Cosalá experiences much greater diurnal temperature variations than most Tropical Wet and Dry climates, especially during the winter months, where temperatures regularly drop as low as 10C in January and February (compare this to Mazatlán, located about 1 degree south, inside the Tropic of Cancer, where nighttime temperatures in January and February are about 15C on average). Daytime temperatures also tend to be hotter than most locations further south (highs approaching 37C in May/Jun, compared to 30C-33C for Mazatlán), and as such, Cosala's climate behaves more similarly to a semi-arid climate, in this regard, than a truly tropical climate. The record low temperature of 1C, is also substantially colder than Mazatlan's 7.5C.

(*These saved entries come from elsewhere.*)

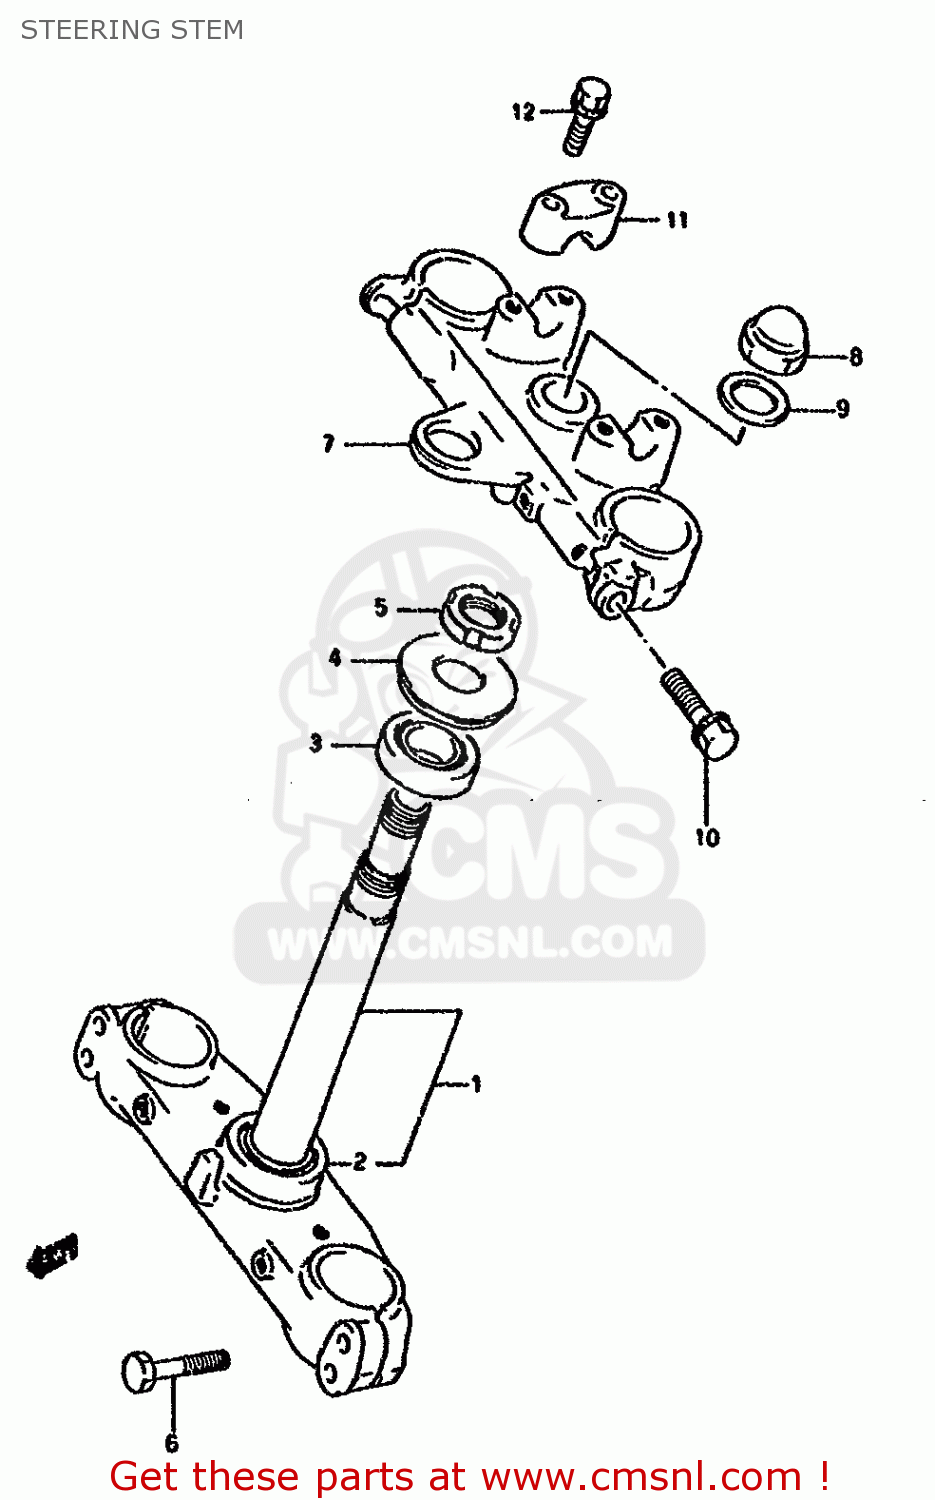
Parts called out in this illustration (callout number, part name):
1	STEM,STEERING
2	BEARING(30X55X17)
3	TAPER,ROLLER BEARING
4	SEAL,STEERING UPR DUST
5	NUT,STEERING STEM
6	BOLT,STEM(8X50)
7	HEAD,STEERING STEM
8	NUT
9	WASHER(22.5X32X1.6)
10	BOLT,UPPER BRACKET
11	HOLDER,HANDLE UPR
12	BOLT
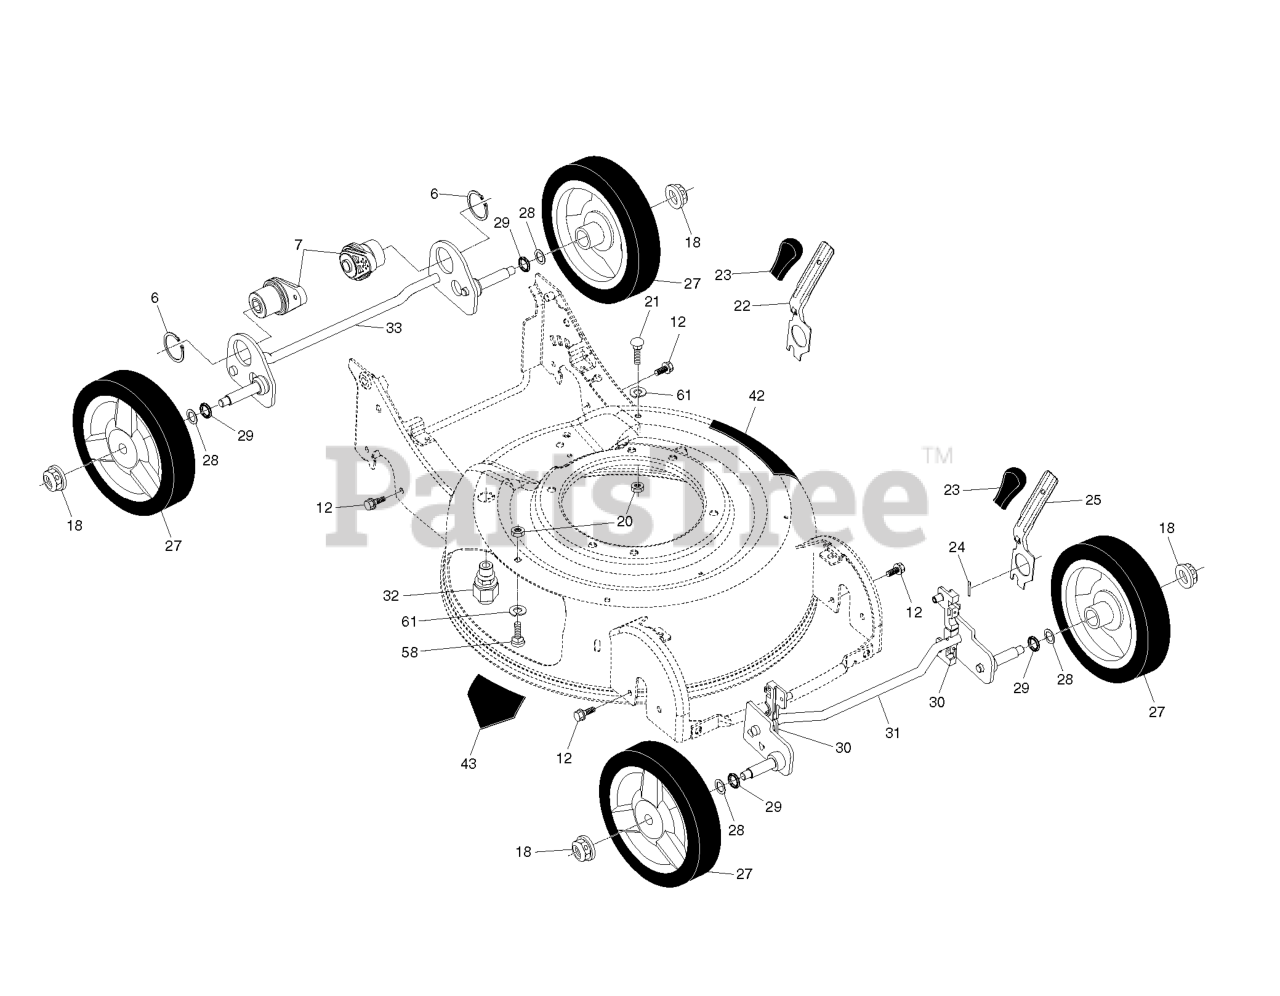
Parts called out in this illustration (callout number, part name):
6	RETAINING RING (2 2)(3 2)
18	NUT.HEX.FLANGE.3/8-16.LO(3 2)
20	NUT, HEX
24	SPRING RETAINER
27	WHEEL & TIRES ASSY, FRONT
28	WASHER.FLAT.1/2
29	O-RING..070X.487.NEOPRENE
30	BUSHING.FRONT.TORQUE.S
33	AXLE.ASM.REAR.45CM.SP.BZP
43	DECAL.INTERNATIONL.CUTFINGER
58	BOLT.CARRIAGE.1/4-20 X 7/8
61	LOCKWASHER
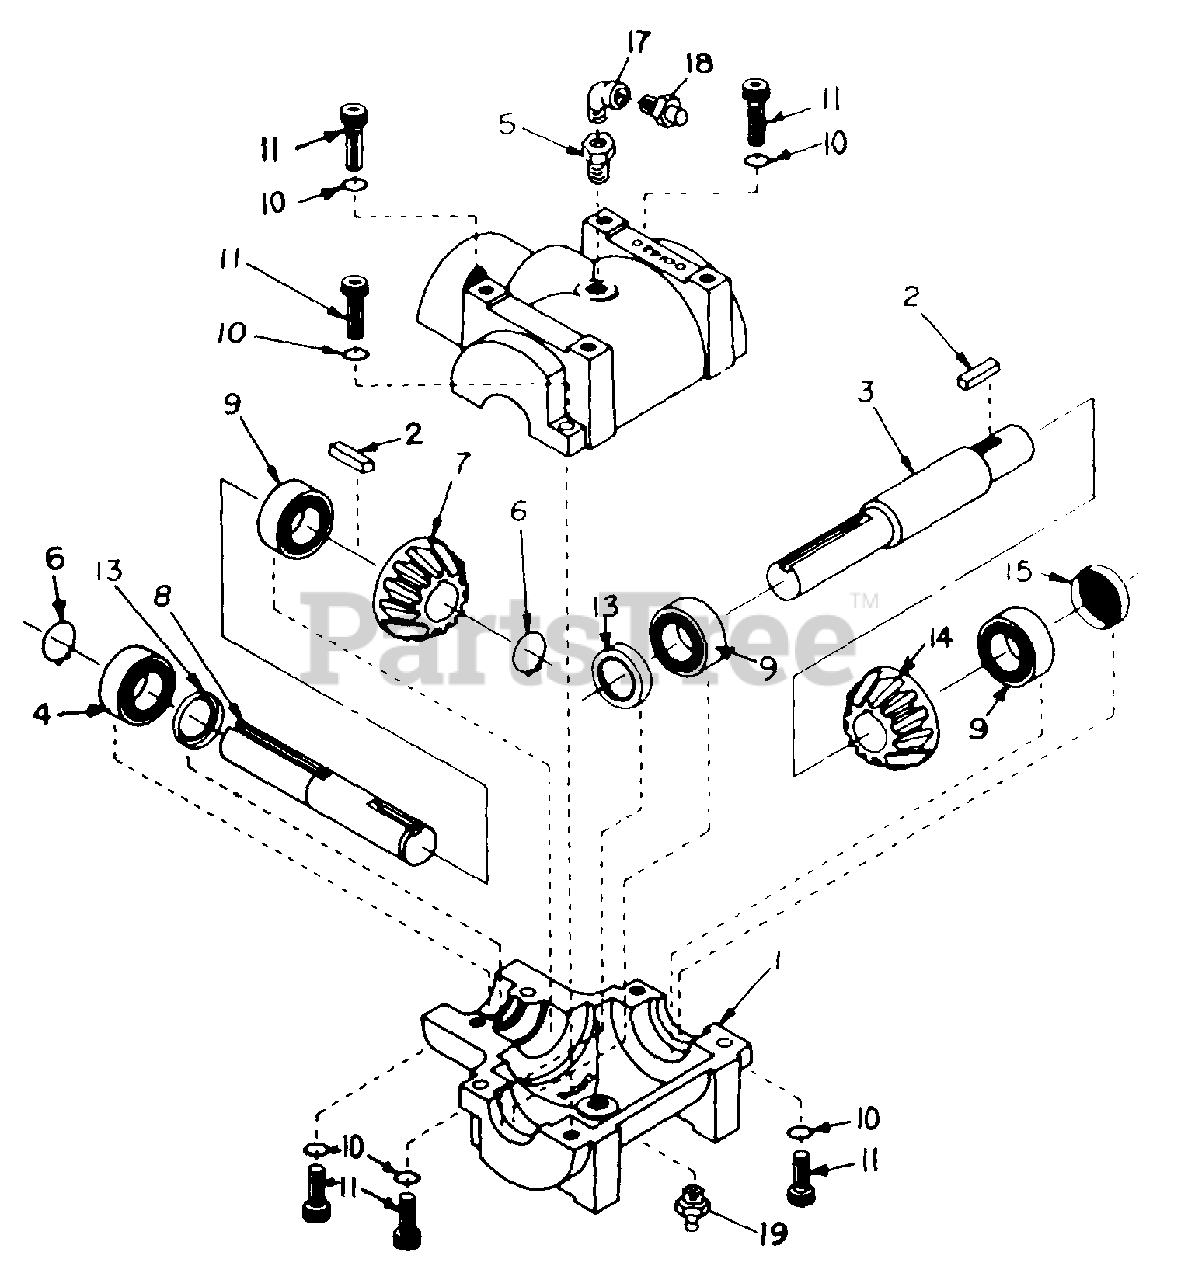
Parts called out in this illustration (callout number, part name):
2	Key, 3/16" x 3/16" x 1"
4	Ball Bearing
5	Pipe Bushing, 1/4" x 1/8"
6	Retaining Ring
7	Output Shaft Gear
9	Ball Bearing
10	Lockwasher
11	Allenhead Capscrew
14	Input Shaft Gear
15	Expansion Plug
17	Street Elbow, 1/8" x 90°
19	Grease Zerk, 1/4" NPT

Climate data for Cosalá (1951–2010)
| Month | Jan | Feb | Mar | Apr | May | Jun | Jul | Aug | Sep | Oct | Nov | Dec | Year |
| Record high °C (°F) | 44.0 (111.2) | 42.0 (107.6) | 44.0 (111.2) | 43.0 (109.4) | 43.0 (109.4) | 43.0 (109.4) | 41.0 (105.8) | 40.0 (104.0) | 40.0 (104.0) | 45.0 (113.0) | 43.0 (109.4) | 43.0 (109.4) | 45.0 (113.0) |
| Mean daily maximum °C (°F) | 28.1 (82.6) | 30.2 (86.4) | 32.9 (91.2) | 35.6 (96.1) | 37.3 (99.1) | 36.5 (97.7) | 33.8 (92.8) | 33.2 (91.8) | 32.9 (91.2) | 32.9 (91.2) | 31.3 (88.3) | 28.3 (82.9) | 32.8 (91.0) |
| Daily mean °C (°F) | 19.3 (66.7) | 20.3 (68.5) | 22.2 (72.0) | 24.9 (76.8) | 27.3 (81.1) | 29.4 (84.9) | 28.2 (82.8) | 27.8 (82.0) | 27.5 (81.5) | 26.0 (78.8) | 22.5 (72.5) | 20.0 (68.0) | 24.6 (76.3) |
| Mean daily minimum °C (°F) | 10.4 (50.7) | 10.4 (50.7) | 11.6 (52.9) | 14.3 (57.7) | 17.3 (63.1) | 22.2 (72.0) | 22.7 (72.9) | 22.4 (72.3) | 22.2 (72.0) | 19.1 (66.4) | 13.7 (56.7) | 11.6 (52.9) | 16.5 (61.7) |
| Record low °C (°F) | 3.0 (37.4) | 1.0 (33.8) | 3.0 (37.4) | 4.0 (39.2) | 9.0 (48.2) | 15.0 (59.0) | 15.0 (59.0) | 15.0 (59.0) | 13.5 (56.3) | 5.0 (41.0) | 4.0 (39.2) | 3.0 (37.4) | 1.0 (33.8) |
| Average precipitation mm (inches) | 24.6 (0.97) | 13.9 (0.55) | 10.3 (0.41) | 5.1 (0.20) | 5.4 (0.21) | 117.7 (4.63) | 293.3 (11.55) | 257.6 (10.14) | 185.5 (7.30) | 84.2 (3.31) | 34.1 (1.34) | 52.0 (2.05) | 1,083.7 (42.67) |
| Average precipitation days (≥ 0.1 mm) | 2.0 | 1.1 | 0.8 | 0.4 | 0.4 | 5.3 | 17.6 | 16.3 | 11.8 | 3.6 | 1.7 | 3.3 | 64.3 |
Source: Servicio Meteorológico Nacional

== Attractions ==

- The Gruta México, a giant cave with stalactites and stalagmites
- The Santa Ursula Temple, built in the 18th century which represents the most significant church of Cosalá
- The Museum of Mining and History, unique in the country because it traces the mining history of the State with collections of:
  - documents
  - old photographs
  - pre-Hispanic and colonial metallic objects
  - mineral samples
  - books
  - weapons
  - carriages and horseshoes from the 18th and 19th centuries

Cosalá, Sinaloa, was named a "Pueblo Mágico" in 2005 for its natural environment, cultural riches, and historical relevance.